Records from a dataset

____

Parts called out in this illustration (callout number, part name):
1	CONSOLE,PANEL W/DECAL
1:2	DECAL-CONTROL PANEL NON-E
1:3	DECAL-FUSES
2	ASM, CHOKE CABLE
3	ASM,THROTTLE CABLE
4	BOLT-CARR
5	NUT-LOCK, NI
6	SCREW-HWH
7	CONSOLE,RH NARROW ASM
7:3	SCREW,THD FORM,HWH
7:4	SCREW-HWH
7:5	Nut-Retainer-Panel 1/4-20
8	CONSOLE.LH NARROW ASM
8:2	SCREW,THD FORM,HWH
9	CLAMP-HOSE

____

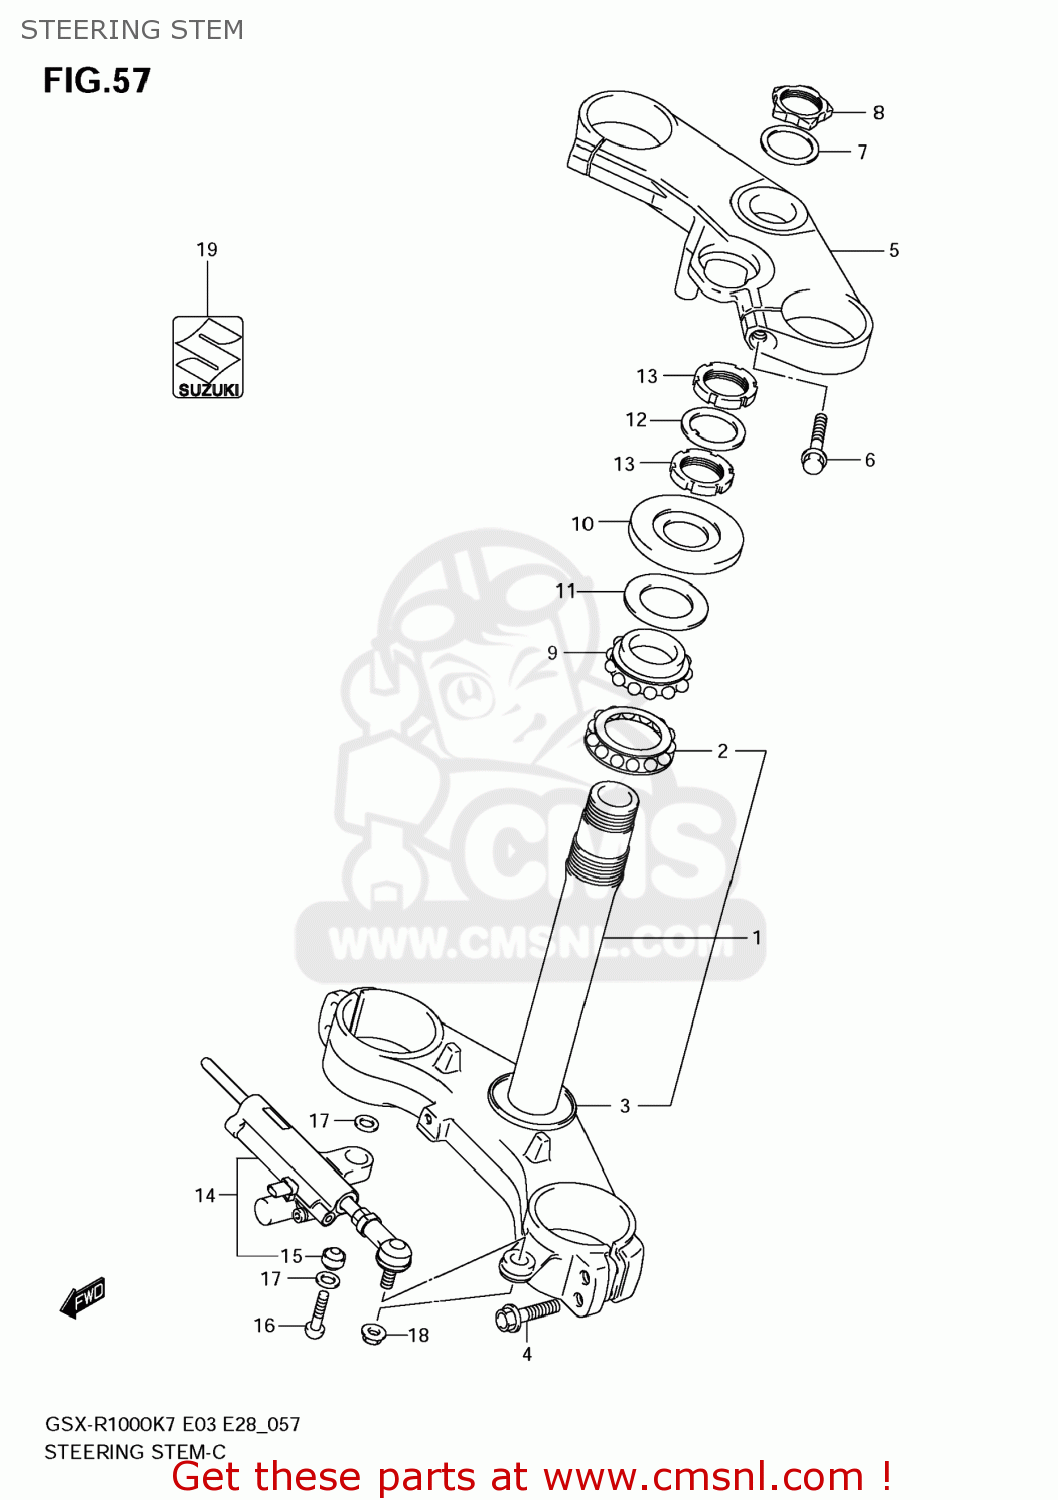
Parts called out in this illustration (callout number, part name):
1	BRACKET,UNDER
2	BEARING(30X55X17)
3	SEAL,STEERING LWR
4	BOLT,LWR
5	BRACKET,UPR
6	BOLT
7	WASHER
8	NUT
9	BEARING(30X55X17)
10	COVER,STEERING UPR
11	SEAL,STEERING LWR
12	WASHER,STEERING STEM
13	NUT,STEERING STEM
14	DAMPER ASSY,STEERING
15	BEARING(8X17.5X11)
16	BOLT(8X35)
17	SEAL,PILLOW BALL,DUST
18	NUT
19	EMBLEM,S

____

What you need to do: Pull every line with the word "BEARING" from the data.

Reply to the exercise:
2	BEARING(30X55X17)
9	BEARING(30X55X17)
15	BEARING(8X17.5X11)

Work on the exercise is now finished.